Formal Specification and Testing for Reinforcement Learning
In this paper we propose specifications for Reinforcement Learning (RL) problems and a well-established class of RL algorithms namely Temporal Difference (TD) methods. The obtained specification is used for testing implementations of RL algorithms and problems. We provide a test harness including property-based tests for the set of case studies in the paper which can be extended with properties for other RL problems and algorithms.

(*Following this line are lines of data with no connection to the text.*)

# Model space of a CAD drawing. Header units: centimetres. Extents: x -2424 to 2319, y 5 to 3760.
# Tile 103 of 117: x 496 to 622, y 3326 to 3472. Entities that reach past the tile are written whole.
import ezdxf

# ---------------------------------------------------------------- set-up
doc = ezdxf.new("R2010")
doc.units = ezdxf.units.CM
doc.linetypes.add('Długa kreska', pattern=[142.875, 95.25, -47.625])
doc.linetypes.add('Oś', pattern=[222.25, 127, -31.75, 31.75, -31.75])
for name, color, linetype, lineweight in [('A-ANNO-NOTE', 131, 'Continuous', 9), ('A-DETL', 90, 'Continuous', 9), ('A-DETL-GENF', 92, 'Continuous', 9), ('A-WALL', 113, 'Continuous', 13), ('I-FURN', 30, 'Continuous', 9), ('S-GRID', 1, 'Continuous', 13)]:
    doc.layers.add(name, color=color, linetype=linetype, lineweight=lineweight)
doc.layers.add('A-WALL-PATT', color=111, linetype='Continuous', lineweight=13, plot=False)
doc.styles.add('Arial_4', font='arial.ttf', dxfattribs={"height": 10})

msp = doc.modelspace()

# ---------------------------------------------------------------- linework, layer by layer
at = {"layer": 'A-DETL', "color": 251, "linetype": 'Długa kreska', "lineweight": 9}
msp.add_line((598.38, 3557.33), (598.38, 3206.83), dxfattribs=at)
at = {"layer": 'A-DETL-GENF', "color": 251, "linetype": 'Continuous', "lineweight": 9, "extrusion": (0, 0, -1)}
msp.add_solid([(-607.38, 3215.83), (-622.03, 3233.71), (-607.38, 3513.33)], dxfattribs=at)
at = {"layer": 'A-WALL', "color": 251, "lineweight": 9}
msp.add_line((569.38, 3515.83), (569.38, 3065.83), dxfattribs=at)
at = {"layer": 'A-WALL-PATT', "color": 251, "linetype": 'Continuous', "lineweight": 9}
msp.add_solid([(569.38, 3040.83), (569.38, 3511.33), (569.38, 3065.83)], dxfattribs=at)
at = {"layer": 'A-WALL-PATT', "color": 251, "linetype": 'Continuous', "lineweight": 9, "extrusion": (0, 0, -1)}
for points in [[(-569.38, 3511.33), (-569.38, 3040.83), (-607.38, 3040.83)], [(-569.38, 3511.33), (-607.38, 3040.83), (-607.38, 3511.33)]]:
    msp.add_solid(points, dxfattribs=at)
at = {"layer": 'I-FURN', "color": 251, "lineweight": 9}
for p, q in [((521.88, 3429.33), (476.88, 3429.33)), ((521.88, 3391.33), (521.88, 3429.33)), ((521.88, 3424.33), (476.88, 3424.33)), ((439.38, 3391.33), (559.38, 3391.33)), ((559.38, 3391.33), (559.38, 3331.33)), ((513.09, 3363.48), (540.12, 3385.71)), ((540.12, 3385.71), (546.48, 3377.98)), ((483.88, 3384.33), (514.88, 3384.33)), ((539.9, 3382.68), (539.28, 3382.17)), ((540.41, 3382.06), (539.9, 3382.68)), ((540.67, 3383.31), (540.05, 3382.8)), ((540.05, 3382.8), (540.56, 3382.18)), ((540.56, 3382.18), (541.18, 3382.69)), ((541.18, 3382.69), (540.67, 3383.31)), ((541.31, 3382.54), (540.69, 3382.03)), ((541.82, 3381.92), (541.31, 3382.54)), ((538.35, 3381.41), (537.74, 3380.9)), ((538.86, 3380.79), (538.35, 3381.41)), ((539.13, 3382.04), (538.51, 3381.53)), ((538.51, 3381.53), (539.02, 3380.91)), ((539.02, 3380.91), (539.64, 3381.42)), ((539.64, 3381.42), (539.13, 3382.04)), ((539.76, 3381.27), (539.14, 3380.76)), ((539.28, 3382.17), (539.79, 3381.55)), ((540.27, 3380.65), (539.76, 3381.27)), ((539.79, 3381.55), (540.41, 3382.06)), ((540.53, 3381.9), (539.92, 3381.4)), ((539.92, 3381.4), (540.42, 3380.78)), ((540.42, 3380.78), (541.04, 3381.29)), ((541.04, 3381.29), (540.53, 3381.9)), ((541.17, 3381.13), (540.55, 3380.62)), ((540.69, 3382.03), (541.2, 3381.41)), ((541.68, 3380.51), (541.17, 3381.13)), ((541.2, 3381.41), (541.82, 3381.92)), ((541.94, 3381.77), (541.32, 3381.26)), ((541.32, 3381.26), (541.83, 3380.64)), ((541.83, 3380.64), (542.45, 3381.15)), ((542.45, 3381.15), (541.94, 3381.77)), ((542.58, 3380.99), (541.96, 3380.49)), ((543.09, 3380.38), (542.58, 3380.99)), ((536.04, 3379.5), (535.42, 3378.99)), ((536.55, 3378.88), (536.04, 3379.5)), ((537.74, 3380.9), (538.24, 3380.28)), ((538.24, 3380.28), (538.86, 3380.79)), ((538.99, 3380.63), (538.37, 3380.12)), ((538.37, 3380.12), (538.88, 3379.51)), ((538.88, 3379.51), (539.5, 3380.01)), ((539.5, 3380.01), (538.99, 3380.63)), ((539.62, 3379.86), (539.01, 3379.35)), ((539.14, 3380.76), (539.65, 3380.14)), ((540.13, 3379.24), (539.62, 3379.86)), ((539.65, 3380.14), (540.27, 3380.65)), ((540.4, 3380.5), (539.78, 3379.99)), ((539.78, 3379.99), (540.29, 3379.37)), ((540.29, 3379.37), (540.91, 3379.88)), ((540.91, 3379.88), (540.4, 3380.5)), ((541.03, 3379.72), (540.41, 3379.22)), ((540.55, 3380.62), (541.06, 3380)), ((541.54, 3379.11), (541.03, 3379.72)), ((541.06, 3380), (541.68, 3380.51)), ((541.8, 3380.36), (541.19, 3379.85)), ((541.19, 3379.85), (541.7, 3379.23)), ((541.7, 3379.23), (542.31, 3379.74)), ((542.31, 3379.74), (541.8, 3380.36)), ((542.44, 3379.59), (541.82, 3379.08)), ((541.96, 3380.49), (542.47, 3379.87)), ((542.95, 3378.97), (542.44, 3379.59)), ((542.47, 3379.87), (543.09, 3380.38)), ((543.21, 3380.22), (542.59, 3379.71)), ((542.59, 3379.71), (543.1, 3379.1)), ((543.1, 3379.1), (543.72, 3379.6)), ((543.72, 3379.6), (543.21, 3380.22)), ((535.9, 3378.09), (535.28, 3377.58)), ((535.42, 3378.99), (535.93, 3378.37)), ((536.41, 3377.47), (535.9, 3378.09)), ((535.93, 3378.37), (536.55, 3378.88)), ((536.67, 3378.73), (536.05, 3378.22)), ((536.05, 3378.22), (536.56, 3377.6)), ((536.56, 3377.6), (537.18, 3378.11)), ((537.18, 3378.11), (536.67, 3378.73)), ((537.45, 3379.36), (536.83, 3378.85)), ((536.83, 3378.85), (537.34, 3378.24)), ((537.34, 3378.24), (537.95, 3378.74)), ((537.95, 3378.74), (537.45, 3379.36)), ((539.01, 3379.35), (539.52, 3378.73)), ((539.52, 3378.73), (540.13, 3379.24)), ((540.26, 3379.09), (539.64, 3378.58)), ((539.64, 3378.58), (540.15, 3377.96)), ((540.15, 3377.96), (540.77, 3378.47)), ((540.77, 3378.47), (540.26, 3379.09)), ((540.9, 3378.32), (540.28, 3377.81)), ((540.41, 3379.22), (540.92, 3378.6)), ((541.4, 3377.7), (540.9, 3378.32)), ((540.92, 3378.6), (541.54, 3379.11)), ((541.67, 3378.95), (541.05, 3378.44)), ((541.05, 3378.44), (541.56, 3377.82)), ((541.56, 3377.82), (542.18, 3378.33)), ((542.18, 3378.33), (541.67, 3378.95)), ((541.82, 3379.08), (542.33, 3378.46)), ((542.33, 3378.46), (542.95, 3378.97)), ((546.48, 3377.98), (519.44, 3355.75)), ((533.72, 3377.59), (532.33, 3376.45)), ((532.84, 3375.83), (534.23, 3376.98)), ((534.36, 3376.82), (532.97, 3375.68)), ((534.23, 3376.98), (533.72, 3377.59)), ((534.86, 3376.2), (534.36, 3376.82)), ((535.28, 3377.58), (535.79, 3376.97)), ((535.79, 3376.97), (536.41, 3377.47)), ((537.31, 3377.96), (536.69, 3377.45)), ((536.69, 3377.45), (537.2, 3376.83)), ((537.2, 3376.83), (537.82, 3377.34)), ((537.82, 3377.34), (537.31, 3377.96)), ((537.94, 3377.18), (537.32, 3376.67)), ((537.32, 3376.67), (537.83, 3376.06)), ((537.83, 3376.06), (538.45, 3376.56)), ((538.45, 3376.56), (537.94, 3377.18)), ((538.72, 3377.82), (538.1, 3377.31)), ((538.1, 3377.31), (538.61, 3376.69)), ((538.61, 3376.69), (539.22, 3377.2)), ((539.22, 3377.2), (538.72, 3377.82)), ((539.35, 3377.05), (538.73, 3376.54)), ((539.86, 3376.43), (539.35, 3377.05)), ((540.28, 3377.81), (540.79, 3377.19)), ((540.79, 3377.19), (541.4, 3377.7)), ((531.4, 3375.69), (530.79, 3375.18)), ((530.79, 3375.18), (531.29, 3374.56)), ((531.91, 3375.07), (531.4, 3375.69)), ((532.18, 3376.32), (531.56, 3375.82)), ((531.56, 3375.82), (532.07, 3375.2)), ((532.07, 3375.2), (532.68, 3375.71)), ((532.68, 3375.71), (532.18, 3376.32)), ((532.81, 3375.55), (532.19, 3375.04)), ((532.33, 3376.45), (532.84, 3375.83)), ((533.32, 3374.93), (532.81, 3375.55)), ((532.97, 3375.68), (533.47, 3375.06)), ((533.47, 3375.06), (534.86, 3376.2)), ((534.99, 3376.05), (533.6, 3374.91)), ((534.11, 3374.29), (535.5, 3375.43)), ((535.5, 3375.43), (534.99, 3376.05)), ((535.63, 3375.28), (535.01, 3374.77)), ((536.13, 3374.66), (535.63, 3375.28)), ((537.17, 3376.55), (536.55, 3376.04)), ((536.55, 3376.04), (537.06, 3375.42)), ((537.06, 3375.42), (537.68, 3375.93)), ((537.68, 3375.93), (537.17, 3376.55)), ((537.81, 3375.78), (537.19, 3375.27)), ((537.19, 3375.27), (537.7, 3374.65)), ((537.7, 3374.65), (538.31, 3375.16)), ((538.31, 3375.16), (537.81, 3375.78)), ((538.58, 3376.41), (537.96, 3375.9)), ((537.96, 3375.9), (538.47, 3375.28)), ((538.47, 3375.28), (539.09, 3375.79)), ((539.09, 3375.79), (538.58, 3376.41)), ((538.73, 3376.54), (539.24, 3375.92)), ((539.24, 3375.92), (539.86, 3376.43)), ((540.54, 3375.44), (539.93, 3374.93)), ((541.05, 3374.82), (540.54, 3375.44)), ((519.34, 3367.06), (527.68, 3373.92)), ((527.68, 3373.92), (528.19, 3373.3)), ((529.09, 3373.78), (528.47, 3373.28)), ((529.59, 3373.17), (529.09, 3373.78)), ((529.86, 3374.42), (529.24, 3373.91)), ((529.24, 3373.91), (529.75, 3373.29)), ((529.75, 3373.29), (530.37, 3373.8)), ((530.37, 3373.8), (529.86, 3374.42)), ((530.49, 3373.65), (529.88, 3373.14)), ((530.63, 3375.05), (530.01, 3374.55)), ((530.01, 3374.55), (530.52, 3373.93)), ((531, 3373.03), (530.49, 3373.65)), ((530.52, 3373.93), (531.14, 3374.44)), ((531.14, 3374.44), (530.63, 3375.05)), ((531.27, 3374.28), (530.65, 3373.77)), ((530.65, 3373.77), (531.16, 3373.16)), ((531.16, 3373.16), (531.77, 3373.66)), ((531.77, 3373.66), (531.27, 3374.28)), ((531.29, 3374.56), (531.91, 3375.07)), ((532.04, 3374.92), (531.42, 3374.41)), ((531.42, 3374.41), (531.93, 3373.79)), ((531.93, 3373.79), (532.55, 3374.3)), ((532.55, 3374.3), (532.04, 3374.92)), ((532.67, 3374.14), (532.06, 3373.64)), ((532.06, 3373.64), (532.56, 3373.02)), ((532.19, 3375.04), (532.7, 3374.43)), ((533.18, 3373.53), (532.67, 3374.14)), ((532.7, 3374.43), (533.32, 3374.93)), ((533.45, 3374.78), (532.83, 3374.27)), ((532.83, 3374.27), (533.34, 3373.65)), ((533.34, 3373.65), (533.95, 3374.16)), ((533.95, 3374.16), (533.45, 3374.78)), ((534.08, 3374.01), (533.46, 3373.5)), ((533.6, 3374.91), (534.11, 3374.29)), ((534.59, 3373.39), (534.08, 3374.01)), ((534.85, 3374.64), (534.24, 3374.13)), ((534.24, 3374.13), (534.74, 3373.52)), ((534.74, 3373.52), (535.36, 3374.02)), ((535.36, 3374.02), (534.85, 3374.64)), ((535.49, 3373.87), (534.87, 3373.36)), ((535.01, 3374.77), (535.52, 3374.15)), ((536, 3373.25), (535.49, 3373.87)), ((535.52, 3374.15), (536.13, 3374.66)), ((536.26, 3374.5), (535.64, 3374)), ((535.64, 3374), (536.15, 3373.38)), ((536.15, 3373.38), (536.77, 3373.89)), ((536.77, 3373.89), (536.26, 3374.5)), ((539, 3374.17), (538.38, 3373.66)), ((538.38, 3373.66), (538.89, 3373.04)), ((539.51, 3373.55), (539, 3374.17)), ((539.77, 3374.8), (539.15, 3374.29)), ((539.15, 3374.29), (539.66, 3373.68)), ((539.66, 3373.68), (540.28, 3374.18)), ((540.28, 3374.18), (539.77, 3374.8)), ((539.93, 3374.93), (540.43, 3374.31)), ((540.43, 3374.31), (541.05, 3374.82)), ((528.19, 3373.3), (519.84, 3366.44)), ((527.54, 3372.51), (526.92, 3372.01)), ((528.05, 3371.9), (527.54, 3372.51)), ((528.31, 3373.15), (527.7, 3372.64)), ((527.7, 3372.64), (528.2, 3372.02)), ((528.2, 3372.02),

This artifact includes the source code used in our experiments to answer the following Research Questions (RQs):
(1) Is the specification general enough to accommodate diverse reinforcement learning problems? As evidence for the answer to this question, the reinforcement learning framework symsim is included, containing a set of RL case studies in Scala3 and the test harness including property-based tests in Quickcheck style;
(2) How effective is the test harness in finding bugs in reinforcement learning problems? To answer this question, we design experiments using mutation testing (relying on Stryker4s) to evaluate the effectiveness of the test harness. The artifact includes the required infrastructure to run and collect the results of the experiments;
(3) To what extent can generic problem properties be used to reduce the cost of testing for reinforcement learning problems? To answer this question, we design and run experiments using mutation testing that involve only the generic tests in the test harness. The included readme file in the artifact provides detailed information on how to run the experiments for each RQ. A VM image is also included in order to facilitate reproducing the results of the experiments.